8 Sex Myths Debunked
Myths about sex are as old as creation. They are are so entrenched that it is difficult to even decide where to begin looking for the facts. From penis size to G-spots to edible aphrodisiacs, how can you sift what is true from the invented chaff? American paediatricians, Rachel C. Vreeman, and Aaron E. Carroll, in their book, Don’t Put That In There! And 69 Other Sex Myths Debunked provide the latest scientific studies to separate urban legend from biological fact.
"Even as adults we never really asked anyone about these things or looked at the science behind them," Vreeman explained. So she and Carroll set out to compile and debunk 70 classic myths to help people learn the facts once and for all. Here are a few of them
MYTH: Women Really Care About Penis Size
Sure, some individual women might care, but overall, "there's pretty good research showing that penis size matters a lot more to men than to women," says Vreeman. In a survey of 50,000 heterosexual people, "85 percent of women actually said that they’re satisfied with their partner's size," while only 55 percent of men were satisfied with how they measured up. Whatever the size of the equipement, there is an appropriate position for every size.
MYTH: Women NEED Clitoral Stimulation to Climax
Actually, women can have orgasms dozens of different ways. From stimulating breasts and nipples to vaginal or anal penetration, there are a wide variety of roads to the finish line. And interestingly, orgasms that arise from touching other areas of the body besides the genitals are called "zone orgasms," according to Vreeman and Carroll.
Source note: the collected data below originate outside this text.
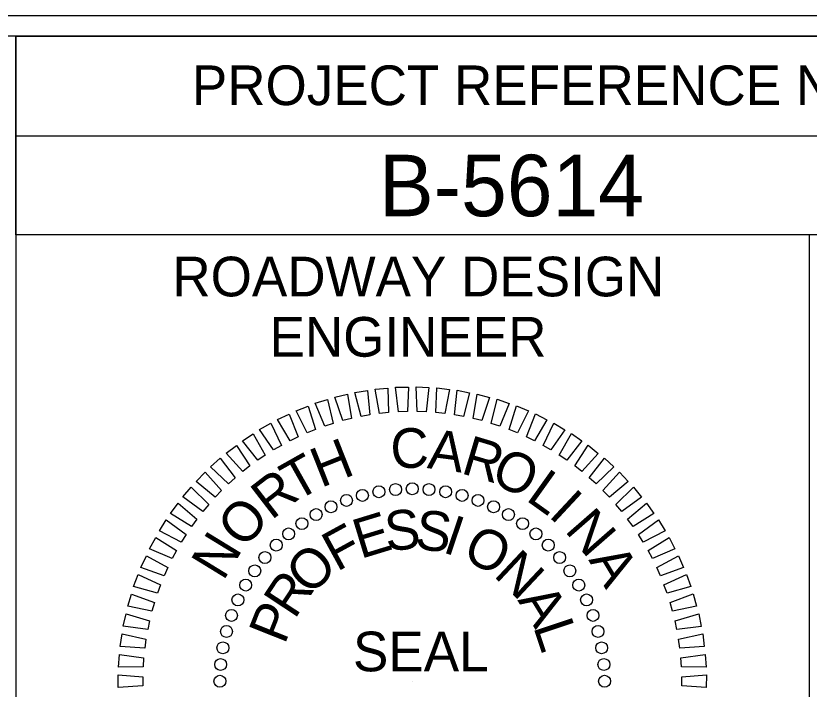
# Model space of a CAD drawing. Extents: x 1633303 to 1635397, y 883210 to 885302.
# Drawn here: x 1635163.8 to 1635263.8, y 884890.3 to 884975.2 of the extents above; entities that cross this region are included whole.
import ezdxf

# ---------------------------------------------------------------- set-up
doc = ezdxf.new("R2010")
doc.units = 0
for name, color, linetype in [('Sheet Data Field CELL', 7, 'Continuous'), ('Sheet PE Seal Cell', 7, 'Continuous'), ('Sheet Plan And Profile CELL', 7, 'Continuous'), ('Sheet Plot Border Inside CELL', 7, 'Continuous'), ('Sheet Profile CELL', 7, 'Continuous'), ('Sheet Profile Grid Major CELL', 7, 'Continuous')]:
    doc.layers.add(name, color=color, linetype=linetype)

msp = doc.modelspace()

# ---------------------------------------------------------------- linework, layer by layer
at = {"layer": 'Sheet PE Seal Cell'}
msp.add_line((1635213.8, 884891.31), (1635213.8, 884891.31), dxfattribs=at)
for points in [[(1635207.34, 884924.68), (1635206.56, 884927.7), (1635208.16, 884927.95), (1635208.46, 884924.88)], [(1635209.68, 884925.05), (1635209.12, 884928.12), (1635210.73, 884928.26), (1635210.82, 884925.17)], [(1635212.05, 884925.25), (1635211.7, 884928.35), (1635213.32, 884928.38), (1635213.19, 884925.3)], [(1635214.42, 884925.29), (1635214.29, 884928.41), (1635215.9, 884928.33), (1635215.56, 884925.26)], [(1635216.79, 884925.17), (1635216.88, 884928.29), (1635218.48, 884928.09), (1635217.92, 884925.06)], [(1635219.14, 884924.88), (1635219.45, 884927.98), (1635221.03, 884927.67), (1635220.27, 884924.69)], [(1635202.76, 884923.45), (1635201.57, 884926.34), (1635203.12, 884926.81), (1635203.84, 884923.81)], [(1635205.03, 884924.15), (1635204.04, 884927.11), (1635205.62, 884927.47), (1635206.13, 884924.43)], [(1635221.47, 884924.42), (1635221.99, 884927.5), (1635223.55, 884927.08), (1635222.58, 884924.15)], [(1635223.76, 884923.81), (1635224.5, 884926.84), (1635226.03, 884926.31), (1635224.85, 884923.46)], [(1635200.54, 884922.61), (1635199.16, 884925.4), (1635200.66, 884925.98), (1635201.6, 884923.04)], [(1635226, 884923.03), (1635226.95, 884926.01), (1635228.44, 884925.37), (1635227.07, 884922.61)], [(1635198.39, 884921.6), (1635196.81, 884924.3), (1635198.28, 884924.98), (1635199.41, 884922.11)], [(1635228.19, 884922.1), (1635229.34, 884925), (1635230.78, 884924.27), (1635229.22, 884921.61)], [(1635196.31, 884920.46), (1635194.55, 884923.03), (1635195.97, 884923.82), (1635197.3, 884921.03)], [(1635230.3, 884921.03), (1635231.65, 884923.84), (1635233.04, 884923.01), (1635231.29, 884920.46)], [(1635194.32, 884919.16), (1635192.39, 884921.61), (1635193.74, 884922.49), (1635195.27, 884919.81)], [(1635232.33, 884919.8), (1635233.88, 884922.51), (1635235.2, 884921.59), (1635233.28, 884919.17)], [(1635192.43, 884917.74), (1635190.33, 884920.04), (1635191.62, 884921.02), (1635193.32, 884918.45)], [(1635234.28, 884918.44), (1635236, 884921.04), (1635237.26, 884920.02), (1635235.18, 884917.74)], [(1635190.64, 884916.18), (1635188.38, 884918.34), (1635189.6, 884919.4), (1635191.48, 884916.95)], [(1635236.12, 884916.95), (1635238.02, 884919.42), (1635239.21, 884918.31), (1635236.97, 884916.19)], [(1635188.96, 884914.51), (1635186.55, 884916.5), (1635187.7, 884917.64), (1635189.75, 884915.33)], [(1635237.85, 884915.33), (1635239.93, 884917.66), (1635241.03, 884916.48), (1635238.65, 884914.51)], [(1635187.4, 884912.72), (1635184.86, 884914.54), (1635185.92, 884915.76), (1635188.13, 884913.6)], [(1635239.47, 884913.59), (1635241.7, 884915.77), (1635242.72, 884914.52), (1635240.21, 884912.72)], [(1635185.97, 884910.82), (1635183.31, 884912.46), (1635184.29, 884913.75), (1635186.64, 884911.75)], [(1635240.96, 884911.75), (1635243.34, 884913.77), (1635244.27, 884912.44), (1635241.64, 884910.83)], [(1635184.68, 884908.83), (1635181.91, 884910.28), (1635182.79, 884911.64), (1635185.28, 884909.81)], [(1635242.32, 884909.8), (1635244.83, 884911.65), (1635245.67, 884910.27), (1635242.93, 884908.84)], [(1635183.53, 884906.76), (1635180.67, 884908.01), (1635181.45, 884909.43), (1635184.06, 884907.77)], [(1635243.54, 884907.77), (1635246.18, 884909.44), (1635246.91, 884908), (1635244.08, 884906.76)], [(1635182.52, 884904.61), (1635179.58, 884905.66), (1635180.27, 884907.12), (1635182.98, 884905.66)], [(1635244.62, 884905.65), (1635247.36, 884907.13), (1635247.99, 884905.65), (1635245.09, 884904.61)], [(1635181.67, 884902.4), (1635178.66, 884903.24), (1635179.24, 884904.75), (1635182.05, 884903.47)], [(1635245.54, 884903.47), (1635248.39, 884904.75), (1635248.91, 884903.23), (1635245.94, 884902.4)], [(1635180.97, 884900.13), (1635177.92, 884900.76), (1635178.39, 884902.3), (1635181.28, 884901.23)], [(1635246.31, 884901.22), (1635249.24, 884902.31), (1635249.66, 884900.75), (1635246.63, 884900.13)], [(1635180.44, 884897.82), (1635177.35, 884898.23), (1635177.71, 884899.81), (1635180.67, 884898.94)], [(1635246.93, 884898.93), (1635249.92, 884899.81), (1635250.23, 884898.22), (1635247.17, 884897.82)], [(1635180.07, 884895.47), (1635176.95, 884895.67), (1635177.21, 884897.27), (1635180.22, 884896.61)], [(1635247.38, 884896.6), (1635250.43, 884897.27), (1635250.62, 884895.67), (1635247.54, 884895.47)], [(1635179.86, 884893.11), (1635176.74, 884893.09), (1635176.88, 884894.7), (1635179.93, 884894.25)], [(1635247.66, 884894.25), (1635250.75, 884894.7), (1635250.84, 884893.09), (1635247.75, 884893.11)], [(1635179.81, 884890.74), (1635176.7, 884890.5), (1635176.73, 884892.12), (1635179.81, 884891.88)], [(1635247.79, 884891.88), (1635250.9, 884892.11), (1635250.87, 884890.5), (1635247.79, 884890.74)]]:
    msp.add_lwpolyline(points, close=True, dxfattribs=at)
for centre in [(1635209.59, 884915.19), (1635211.69, 884915.47), (1635213.8, 884915.56), (1635215.91, 884915.47), (1635218.01, 884915.19), (1635205.51, 884914.1), (1635207.52, 884914.73), (1635220.08, 884914.73), (1635222.09, 884914.1), (1635203.55, 884913.29), (1635224.05, 884913.29), (1635201.68, 884912.31), (1635225.93, 884912.31), (1635199.89, 884911.17), (1635227.71, 884911.17), (1635198.21, 884909.88), (1635229.39, 884909.88), (1635196.65, 884908.46), (1635230.95, 884908.46), (1635195.22, 884906.9), (1635232.38, 884906.9), (1635193.94, 884905.22), (1635233.67, 884905.22), (1635192.8, 884903.43), (1635234.8, 884903.43), (1635191.82, 884901.56), (1635235.78, 884901.56), (1635191.01, 884899.6), (1635236.59, 884899.6), (1635190.38, 884897.58), (1635237.22, 884897.58), (1635189.92, 884895.52), (1635237.68, 884895.52), (1635189.64, 884893.42), (1635237.96, 884893.42), (1635189.55, 884891.31), (1635238.05, 884891.31)]:
    msp.add_circle(centre, 0.75, dxfattribs=at)
at = {"layer": 'Sheet Plan And Profile CELL'}
msp.add_line((1635263.84, 884947.56), (1635263.84, 884835.06), dxfattribs=at)
at = {"layer": 'Sheet Plot Border Inside CELL'}
msp.add_lwpolyline([(1635376.36, 884975.16), (1633709.86, 884975.16), (1633709.86, 883920.06), (1635376.36, 883920.06)], close=True, dxfattribs=at)
at = {"layer": 'Sheet Profile CELL'}
msp.add_line((1635163.81, 884960.06), (1635363.86, 884960.06), dxfattribs=at)
for points in [[(1635363.86, 884972.61), (1633863.86, 884972.61), (1633863.86, 883922.61), (1635363.86, 883922.61)], [(1635163.81, 884972.61), (1635363.86, 884972.61), (1635363.86, 884947.56), (1635163.81, 884947.56)]]:
    msp.add_lwpolyline(points, close=True, dxfattribs=at)
at = {"layer": 'Sheet Profile Grid Major CELL'}
msp.add_lwpolyline([(1635163.86, 883947.61), (1635163.86, 884972.61), (1635190.16, 884972.61)], dxfattribs=at)

# ---------------------------------------------------------------- texts
at = {"layer": 'Sheet Data Field CELL'}
msp.add_text('B-5614', height=7.75, dxfattribs=at).set_placement((1635209.59, 884949.91))
at = {"layer": 'Sheet PE Seal Cell'}
for s, rotation, p in [('C', 1.9618, (1635211.13, 884918.11)), ('A', 352.4568, (1635215.59, 884918.18)), ('H', 21.601, (1635202.28, 884915.65)), ('R', 343.4093, (1635219.8, 884917.56)), ('T', 29.3903, (1635199.09, 884913.87)), ('O', 335.2006, (1635223.48, 884916.44)), ('R', 37.5989, (1635196.02, 884911.53)), ('L', 324.4755, (1635227.99, 884914.2)), ('I', 317.0103, (1635230.85, 884912.16)), ('O', 48.3241, (1635192.56, 884907.87)), ('E', 16.986, (1635207.27, 884906.7)), ('S', 5.2237, (1635210.54, 884907.7)), ('S', 353.2648, (1635214.01, 884908.02)), ('N', 311.0704, (1635232.91, 884910.28)), ('I', 341.3058, (1635217.47, 884907.62)), ('F', 28.6639, (1635204.29, 884905.06)), ('O', 332.5504, (1635219.91, 884906.87)), ('N', 58.5345, (1635189.96, 884903.84)), ('O', 44.4727, (1635200.9, 884901.95)), ('N', 316.7416, (1635223.92, 884904.61)), ('A', 300.8599, (1635235.97, 884906.6)), ('R', 56.5721, (1635198.96, 884899.01)), ('A', 301.6915, (1635227.03, 884901.53)), ('P', 68.3344, (1635197.7, 884895.82)), ('L', 288.3556, (1635229.03, 884898.2)), ('SEAL', 360, (1635206.33, 884892.56))]:
    msp.add_text(s, height=5, rotation=rotation, dxfattribs=at).set_placement(p)
at = {"layer": 'Sheet Profile CELL'}
for s, height, p in [('PROJECT REFERENCE NO.', 5.0001, (1635186.01, 884963.91)), ('ROADWAY DESIGN', 5.0001, (1635183.55, 884939.81)), ('ENGINEER', 5, (1635195.8, 884932.21))]:
    msp.add_text(s, height=height, dxfattribs=at).set_placement(p)

doc.saveas('drawing.dxf')
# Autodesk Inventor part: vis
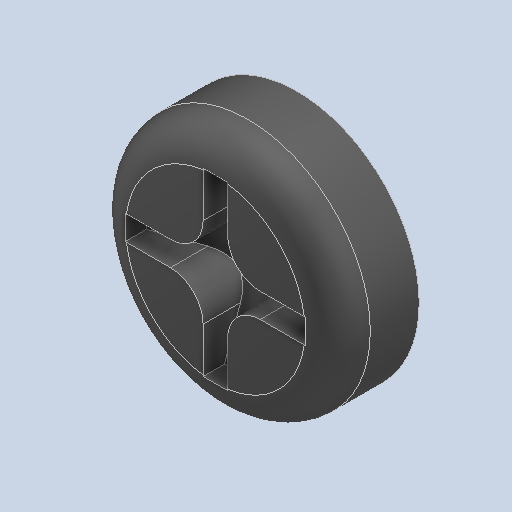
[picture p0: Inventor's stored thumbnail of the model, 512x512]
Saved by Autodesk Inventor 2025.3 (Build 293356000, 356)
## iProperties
Created: 2026-10
Part Number: vis
Material: Acier
Document SubType Name: Modeling
Designer: Luis M
Density: 7.85 g/cm^3
Appearance: Valor por defecto
Author: Luis M
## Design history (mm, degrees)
feature "Corps1"
node "Sólido1"
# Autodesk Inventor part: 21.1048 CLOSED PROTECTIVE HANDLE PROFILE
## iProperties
Created: 2007-02
Part Number: 21.1048 CLOSED PROTECTIVE HANDLE PROFILE
Material: Aluminum-6061
Document SubType Name: Modeling
Designer: Andy Moles
Density: 2.71 g/cm^3
Author: Andy Moles
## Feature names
1. Extrusion1
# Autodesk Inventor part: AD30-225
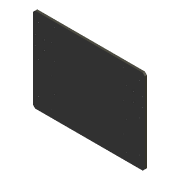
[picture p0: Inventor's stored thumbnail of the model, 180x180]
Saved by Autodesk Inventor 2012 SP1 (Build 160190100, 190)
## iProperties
Shininess: 0.0
Created: 2000-06
Part Number: AD30-225
Project: BONDING PRESS
Description: BASEPLATE, PRESS
Document SubType Name: Modeling
Designer: Ron
Material: Aluminum-6061
Density: 2.71 g/cm^3
Density: 0.0
Volumn: 0.0
Area: 0.0
PropertySet Name: Model Information
Control State: 0
Master: False
Checked Out: False
Title: BASEPLATE, PRESS
Author: Ron
Revision Number: A
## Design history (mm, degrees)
node "Extrusion1" dims "d2" = 12.7, "d3" = 0
  sketch "Sketch1"
    geometry: L1 (-330, 250)-(330, 250); L2 (330, 250)-(330, -250); L3 (330, -250)-(-330, -250); L4 (-330, -250)-(-330, 250); L5 (330, -250)-(-330, 250); 2 further points
    constraints: 10 end point, 2 parallel, 1 coincident, 1 horizontal, 1 midpoint, 1 perpendicular
    dimensions: "d0" = 660 distance of L1.start L1.end; "d1" = 500 distance of L1.end L2.end
node "Chamfer1" dims "d4" = 12.7, "d5" = 12.7, "d33" = 45 deg
node "Hole1" dims "d6" = 4.917, "d7" = 4, "d8" = 2, "d9" = 60 deg, "d10" = 8, "d11" = 118 deg, "d30" = 6
  sketch "Sketch2"
    geometry: L1 (-330, -237.3)-(-330, 237.3) reference; L2 (317.3, -250)-(-317.3, -250) reference; L3 (330, 237.3)-(330, -237.3) reference; L4 (-317.3, 250)-(317.3, 250) reference; L5 (0, 250)-(0, -250); L6 (-330, 0)-(330, 0); L7 (263.107, 127.188)-(317.082, 127.188); L8 (317.082, 127.188)-(317.082, 73.213); L9 (317.082, 73.213)-(263.107, 73.213); L10 (263.107, 73.213)-(263.107, 127.188); 6 further points
    constraints: 12 end point, 4 midpoint, 4 symmetric about line, 2 coincident, 2 parallel, 1 horizontal, 1 perpendicular
    dimensions: "d46" = 73.2125 distance from line of L8.end L6; "d47" = 127.1875 distance from line of point (317.082, 127.188) L6; "d48" = 263.10745 distance from line of L7.start L5; "d49" = 317.08245 distance from line of point (317.082, 127.188) L5
node "Hole2" dims "d12" = 3.242, "d13" = 4, "d14" = 2, "d15" = 60 deg, "d16" = 8, "d17" = 118 deg, "d31" = 6
  sketch "Sketch3"
    geometry: L1 (-330, -237.3)-(-330, 237.3) reference; L2 (317.3, -250)-(-317.3, -250) reference; L3 (330, 237.3)-(330, -237.3) reference; L4 (-317.3, 250)-(317.3, 250) reference; L5 (0, 250)-(0, -250); L6 (-330, 0)-(330, 0); 12 further points
    constraints: 6 symmetric about line, 4 end point, 4 midpoint, 4 vertical alignment
    dimensions: "d38" = 202.1 distance from line of L5 point (202.1, 220); "d39" = 220.1 distance from line of L5 point (220.1, 135); "d40" = 35 distance from line of point (220.1, -35) L6; "d41" = 120 distance from line of point (202.1, -120) L6; "d42" = 205 distance from line of point (220.1, -205) L6; "d43" = 50 distance from line of point (202.1, 50) L6; "d44" = 135 distance from line of point (220.1, 135) L6; "d45" = 220 distance from line of point (202.1, 220) L6
node "Hole3" dims "d18" = 4.2, "d19" = 8, "d20" = 4.5, "d21" = 60 deg, "d22" = 8, "d23" = 118 deg, "d50" = 6
  sketch "Sketch4"
    geometry: L1 (-330, -237.3)-(-330, 237.3) reference; L2 (317.3, -250)-(-317.3, -250) reference; L3 (-317.3, 250)-(317.3, 250) reference; L4 (0, 250)-(0, -250); L5 (0, 0)-(-330, 0); 1 further point
    constraints: 4 end point, 4 midpoint
    dimensions: "d34" = 298.25 distance from line of L4 point (-298.25, 200); "d51" = 200 distance from line of point (-298.25, 200) L5
pattern_linear "Rectangular Pattern1" dims "d54" = 190, "d57" = 596.5 (= 2 x d34)
body "Solid1"

MYTH: Only Men Have Wet Dreams
Wet dreams are really just climaxing in your sleep, and we tend to associate them with men (teenage boys, in particular). However, in a 1986 study, researchers evaluated 245 women at a Midwestern university and found that 37 percent of them had experienced a wet dream, and 30 percent of them had had one within the past year, write Vreeman and Carroll. Sure, it's an old study, but we're guessing a quick poll of your girlfriends will also back this one up: Women can definitely orgasm in their sleep. Next time you have a particularly erotic dream, this might help you decode it.
MYTH: Having Sex Will Help You Lose Weight
If only. While sex does burn calories, it will only burn around 85 to 150 calories for 35 minutes of sex. Since you need to theoretically burn about 3,500 calories to lose one pound of body weight, you’d have to have sex about 35 times to lose a pound, write Vreeman and Carroll. And unfortunately, most people don’t last that long. On average, the increase in heart rate from sex is about the same as walking up two flights of stairs, the authors add. However, these seven exercises for better sex will help you burn calories andboost your sex life.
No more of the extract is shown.